Write each record again exactly as it stands.

RECORDS SUPPLIED

----------

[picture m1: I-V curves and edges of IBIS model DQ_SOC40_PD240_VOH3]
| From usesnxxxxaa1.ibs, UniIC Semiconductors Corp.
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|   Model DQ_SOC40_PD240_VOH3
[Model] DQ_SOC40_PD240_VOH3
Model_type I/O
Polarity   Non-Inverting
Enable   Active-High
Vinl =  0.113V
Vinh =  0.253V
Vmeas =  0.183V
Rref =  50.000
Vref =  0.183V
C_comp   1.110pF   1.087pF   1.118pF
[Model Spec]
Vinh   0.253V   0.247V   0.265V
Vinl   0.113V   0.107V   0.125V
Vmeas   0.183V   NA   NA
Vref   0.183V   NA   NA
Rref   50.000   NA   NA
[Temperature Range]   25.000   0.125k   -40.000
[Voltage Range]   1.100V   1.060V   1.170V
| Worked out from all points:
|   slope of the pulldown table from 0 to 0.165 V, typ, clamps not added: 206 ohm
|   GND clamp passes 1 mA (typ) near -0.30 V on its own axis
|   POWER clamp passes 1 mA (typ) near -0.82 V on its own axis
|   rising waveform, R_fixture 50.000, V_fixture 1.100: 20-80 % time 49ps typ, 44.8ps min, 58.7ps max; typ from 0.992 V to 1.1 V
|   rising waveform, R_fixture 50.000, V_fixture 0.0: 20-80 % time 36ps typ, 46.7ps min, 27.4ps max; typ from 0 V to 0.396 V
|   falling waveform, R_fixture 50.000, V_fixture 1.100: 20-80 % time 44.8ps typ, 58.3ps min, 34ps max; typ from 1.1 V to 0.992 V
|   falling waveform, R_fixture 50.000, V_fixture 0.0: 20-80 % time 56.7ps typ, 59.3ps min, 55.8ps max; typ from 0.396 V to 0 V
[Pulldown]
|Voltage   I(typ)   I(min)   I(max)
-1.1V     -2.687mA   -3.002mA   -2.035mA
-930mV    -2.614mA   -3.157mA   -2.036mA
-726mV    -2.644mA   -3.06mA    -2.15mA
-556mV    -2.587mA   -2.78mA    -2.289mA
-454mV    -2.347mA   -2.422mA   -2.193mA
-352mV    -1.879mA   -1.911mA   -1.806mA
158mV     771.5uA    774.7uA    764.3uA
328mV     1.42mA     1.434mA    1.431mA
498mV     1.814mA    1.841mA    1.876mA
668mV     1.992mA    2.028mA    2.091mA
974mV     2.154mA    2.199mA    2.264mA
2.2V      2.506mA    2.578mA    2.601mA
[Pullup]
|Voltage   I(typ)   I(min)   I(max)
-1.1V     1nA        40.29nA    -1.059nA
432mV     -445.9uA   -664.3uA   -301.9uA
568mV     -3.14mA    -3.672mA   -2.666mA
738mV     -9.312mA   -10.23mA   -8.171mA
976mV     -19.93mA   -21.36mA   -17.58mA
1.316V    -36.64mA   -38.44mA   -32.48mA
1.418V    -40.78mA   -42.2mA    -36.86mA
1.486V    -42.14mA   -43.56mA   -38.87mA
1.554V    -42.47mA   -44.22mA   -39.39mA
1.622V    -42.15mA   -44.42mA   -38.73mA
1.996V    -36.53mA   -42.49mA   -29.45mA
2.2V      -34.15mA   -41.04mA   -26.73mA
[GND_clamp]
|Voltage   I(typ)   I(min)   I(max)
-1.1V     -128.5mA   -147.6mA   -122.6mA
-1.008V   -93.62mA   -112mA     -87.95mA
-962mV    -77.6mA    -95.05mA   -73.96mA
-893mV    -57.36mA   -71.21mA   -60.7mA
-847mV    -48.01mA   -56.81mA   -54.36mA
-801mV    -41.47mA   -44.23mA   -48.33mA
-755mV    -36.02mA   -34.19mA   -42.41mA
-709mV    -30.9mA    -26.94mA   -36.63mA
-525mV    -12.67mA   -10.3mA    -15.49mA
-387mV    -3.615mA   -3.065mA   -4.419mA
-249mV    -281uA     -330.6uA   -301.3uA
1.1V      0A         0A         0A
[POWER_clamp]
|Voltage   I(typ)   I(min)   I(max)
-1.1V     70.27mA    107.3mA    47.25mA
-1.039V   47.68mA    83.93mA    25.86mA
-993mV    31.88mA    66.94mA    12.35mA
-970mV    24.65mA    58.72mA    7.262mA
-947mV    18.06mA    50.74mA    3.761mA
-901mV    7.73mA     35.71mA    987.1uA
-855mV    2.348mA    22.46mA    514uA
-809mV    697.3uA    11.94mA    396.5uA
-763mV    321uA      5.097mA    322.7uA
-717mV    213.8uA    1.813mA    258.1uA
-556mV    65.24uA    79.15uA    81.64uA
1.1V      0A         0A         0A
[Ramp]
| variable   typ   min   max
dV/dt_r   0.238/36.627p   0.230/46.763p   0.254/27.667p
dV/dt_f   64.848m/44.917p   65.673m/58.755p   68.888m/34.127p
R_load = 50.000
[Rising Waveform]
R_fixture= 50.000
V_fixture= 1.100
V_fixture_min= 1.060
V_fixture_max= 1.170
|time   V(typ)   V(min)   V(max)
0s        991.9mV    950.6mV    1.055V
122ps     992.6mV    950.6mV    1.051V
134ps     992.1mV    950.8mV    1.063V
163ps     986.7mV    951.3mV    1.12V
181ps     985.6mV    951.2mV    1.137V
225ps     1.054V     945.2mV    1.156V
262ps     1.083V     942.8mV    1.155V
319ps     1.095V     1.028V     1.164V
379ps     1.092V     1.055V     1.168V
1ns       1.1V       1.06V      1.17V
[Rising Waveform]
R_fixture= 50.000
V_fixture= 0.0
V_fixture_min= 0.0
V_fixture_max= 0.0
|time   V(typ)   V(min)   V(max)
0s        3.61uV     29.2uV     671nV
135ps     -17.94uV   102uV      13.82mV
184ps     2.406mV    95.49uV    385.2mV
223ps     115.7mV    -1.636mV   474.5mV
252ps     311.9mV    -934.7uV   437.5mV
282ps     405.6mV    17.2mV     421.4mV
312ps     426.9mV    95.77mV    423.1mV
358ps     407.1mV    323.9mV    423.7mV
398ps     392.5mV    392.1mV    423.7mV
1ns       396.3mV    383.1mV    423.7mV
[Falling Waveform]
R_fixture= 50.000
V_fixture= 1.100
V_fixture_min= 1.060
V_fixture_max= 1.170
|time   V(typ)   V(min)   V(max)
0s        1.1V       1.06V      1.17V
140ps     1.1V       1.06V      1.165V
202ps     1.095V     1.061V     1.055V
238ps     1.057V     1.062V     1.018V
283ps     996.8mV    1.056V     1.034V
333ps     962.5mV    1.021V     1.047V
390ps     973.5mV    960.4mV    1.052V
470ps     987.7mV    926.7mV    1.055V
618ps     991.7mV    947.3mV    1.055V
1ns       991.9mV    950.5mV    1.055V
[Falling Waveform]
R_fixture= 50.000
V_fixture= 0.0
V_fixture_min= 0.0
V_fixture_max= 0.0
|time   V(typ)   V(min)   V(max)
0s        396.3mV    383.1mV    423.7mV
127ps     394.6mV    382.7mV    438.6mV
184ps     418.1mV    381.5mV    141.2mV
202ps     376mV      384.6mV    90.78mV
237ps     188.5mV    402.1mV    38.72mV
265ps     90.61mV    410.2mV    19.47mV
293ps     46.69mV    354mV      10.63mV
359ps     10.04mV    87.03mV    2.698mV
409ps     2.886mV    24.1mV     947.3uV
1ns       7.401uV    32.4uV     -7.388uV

----------

RESPONSE
[picture m1: I-V curves and edges of IBIS model DQ_SOC40_PD240_VOH3]
| From usesnxxxxaa1.ibs, UniIC Semiconductors Corp.
|   Model DQ_SOC40_PD240_VOH3
[Model] DQ_SOC40_PD240_VOH3
Model_type I/O
Polarity   Non-Inverting
Enable   Active-High
Vinl =  0.113V
Vinh =  0.253V
Vmeas =  0.183V
Rref =  50.000
Vref =  0.183V
C_comp   1.110pF   1.087pF   1.118pF
[Model Spec]
Vinh   0.253V   0.247V   0.265V
Vinl   0.113V   0.107V   0.125V
Vmeas   0.183V   NA   NA
Vref   0.183V   NA   NA
Rref   50.000   NA   NA
[Temperature Range]   25.000   0.125k   -40.000
[Voltage Range]   1.100V   1.060V   1.170V
| Worked out from all points:
|   slope of the pulldown table from 0 to 0.165 V, typ, clamps not added: 206 ohm
|   GND clamp passes 1 mA (typ) near -0.30 V on its own axis
|   POWER clamp passes 1 mA (typ) near -0.82 V on its own axis
|   rising waveform, R_fixture 50.000, V_fixture 1.100: 20-80 % time 49ps typ, 44.8ps min, 58.7ps max; typ from 0.992 V to 1.1 V
|   rising waveform, R_fixture 50.000, V_fixture 0.0: 20-80 % time 36ps typ, 46.7ps min, 27.4ps max; typ from 0 V to 0.396 V
|   falling waveform, R_fixture 50.000, V_fixture 1.100: 20-80 % time 44.8ps typ, 58.3ps min, 34ps max; typ from 1.1 V to 0.992 V
|   falling waveform, R_fixture 50.000, V_fixture 0.0: 20-80 % time 56.7ps typ, 59.3ps min, 55.8ps max; typ from 0.396 V to 0 V
[Pulldown]
|Voltage   I(typ)   I(min)   I(max)
-1.1V     -2.687mA   -3.002mA   -2.035mA
-930mV    -2.614mA   -3.157mA   -2.036mA
-726mV    -2.644mA   -3.06mA    -2.15mA
-556mV    -2.587mA   -2.78mA    -2.289mA
-454mV    -2.347mA   -2.422mA   -2.193mA
-352mV    -1.879mA   -1.911mA   -1.806mA
158mV     771.5uA    774.7uA    764.3uA
328mV     1.42mA     1.434mA    1.431mA
498mV     1.814mA    1.841mA    1.876mA
668mV     1.992mA    2.028mA    2.091mA
974mV     2.154mA    2.199mA    2.264mA
2.2V      2.506mA    2.578mA    2.601mA
[Pullup]
|Voltage   I(typ)   I(min)   I(max)
-1.1V     1nA        40.29nA    -1.059nA
432mV     -445.9uA   -664.3uA   -301.9uA
568mV     -3.14mA    -3.672mA   -2.666mA
738mV     -9.312mA   -10.23mA   -8.171mA
976mV     -19.93mA   -21.36mA   -17.58mA
1.316V    -36.64mA   -38.44mA   -32.48mA
1.418V    -40.78mA   -42.2mA    -36.86mA
1.486V    -42.14mA   -43.56mA   -38.87mA
1.554V    -42.47mA   -44.22mA   -39.39mA
1.622V    -42.15mA   -44.42mA   -38.73mA
1.996V    -36.53mA   -42.49mA   -29.45mA
2.2V      -34.15mA   -41.04mA   -26.73mA
[GND_clamp]
|Voltage   I(typ)   I(min)   I(max)
-1.1V     -128.5mA   -147.6mA   -122.6mA
-1.008V   -93.62mA   -112mA     -87.95mA
-962mV    -77.6mA    -95.05mA   -73.96mA
-893mV    -57.36mA   -71.21mA   -60.7mA
-847mV    -48.01mA   -56.81mA   -54.36mA
-801mV    -41.47mA   -44.23mA   -48.33mA
-755mV    -36.02mA   -34.19mA   -42.41mA
-709mV    -30.9mA    -26.94mA   -36.63mA
-525mV    -12.67mA   -10.3mA    -15.49mA
-387mV    -3.615mA   -3.065mA   -4.419mA
-249mV    -281uA     -330.6uA   -301.3uA
1.1V      0A         0A         0A
[POWER_clamp]
|Voltage   I(typ)   I(min)   I(max)
-1.1V     70.27mA    107.3mA    47.25mA
-1.039V   47.68mA    83.93mA    25.86mA
-993mV    31.88mA    66.94mA    12.35mA
-970mV    24.65mA    58.72mA    7.262mA
-947mV    18.06mA    50.74mA    3.761mA
-901mV    7.73mA     35.71mA    987.1uA
-855mV    2.348mA    22.46mA    514uA
-809mV    697.3uA    11.94mA    396.5uA
-763mV    321uA      5.097mA    322.7uA
-717mV    213.8uA    1.813mA    258.1uA
-556mV    65.24uA    79.15uA    81.64uA
1.1V      0A         0A         0A
[Ramp]
| variable   typ   min   max
dV/dt_r   0.238/36.627p   0.230/46.763p   0.254/27.667p
dV/dt_f   64.848m/44.917p   65.673m/58.755p   68.888m/34.127p
R_load = 50.000
[Rising Waveform]
R_fixture= 50.000
V_fixture= 1.100
V_fixture_min= 1.060
V_fixture_max= 1.170
|time   V(typ)   V(min)   V(max)
0s        991.9mV    950.6mV    1.055V
122ps     992.6mV    950.6mV    1.051V
134ps     992.1mV    950.8mV    1.063V
163ps     986.7mV    951.3mV    1.12V
181ps     985.6mV    951.2mV    1.137V
225ps     1.054V     945.2mV    1.156V
262ps     1.083V     942.8mV    1.155V
319ps     1.095V     1.028V     1.164V
379ps     1.092V     1.055V     1.168V
1ns       1.1V       1.06V      1.17V
[Rising Waveform]
R_fixture= 50.000
V_fixture= 0.0
V_fixture_min= 0.0
V_fixture_max= 0.0
|time   V(typ)   V(min)   V(max)
0s        3.61uV     29.2uV     671nV
135ps     -17.94uV   102uV      13.82mV
184ps     2.406mV    95.49uV    385.2mV
223ps     115.7mV    -1.636mV   474.5mV
252ps     311.9mV    -934.7uV   437.5mV
282ps     405.6mV    17.2mV     421.4mV
312ps     426.9mV    95.77mV    423.1mV
358ps     407.1mV    323.9mV    423.7mV
398ps     392.5mV    392.1mV    423.7mV
1ns       396.3mV    383.1mV    423.7mV
[Falling Waveform]
R_fixture= 50.000
V_fixture= 1.100
V_fixture_min= 1.060
V_fixture_max= 1.170
|time   V(typ)   V(min)   V(max)
0s        1.1V       1.06V      1.17V
140ps     1.1V       1.06V      1.165V
202ps     1.095V     1.061V     1.055V
238ps     1.057V     1.062V     1.018V
283ps     996.8mV    1.056V     1.034V
333ps     962.5mV    1.021V     1.047V
390ps     973.5mV    960.4mV    1.052V
470ps     987.7mV    926.7mV    1.055V
618ps     991.7mV    947.3mV    1.055V
1ns       991.9mV    950.5mV    1.055V
[Falling Waveform]
R_fixture= 50.000
V_fixture= 0.0
V_fixture_min= 0.0
V_fixture_max= 0.0
|time   V(typ)   V(min)   V(max)
0s        396.3mV    383.1mV    423.7mV
127ps     394.6mV    382.7mV    438.6mV
184ps     418.1mV    381.5mV    141.2mV
202ps     376mV      384.6mV    90.78mV
237ps     188.5mV    402.1mV    38.72mV
265ps     90.61mV    410.2mV    19.47mV
293ps     46.69mV    354mV      10.63mV
359ps     10.04mV    87.03mV    2.698mV
409ps     2.886mV    24.1mV     947.3uV
1ns       7.401uV    32.4uV     -7.388uV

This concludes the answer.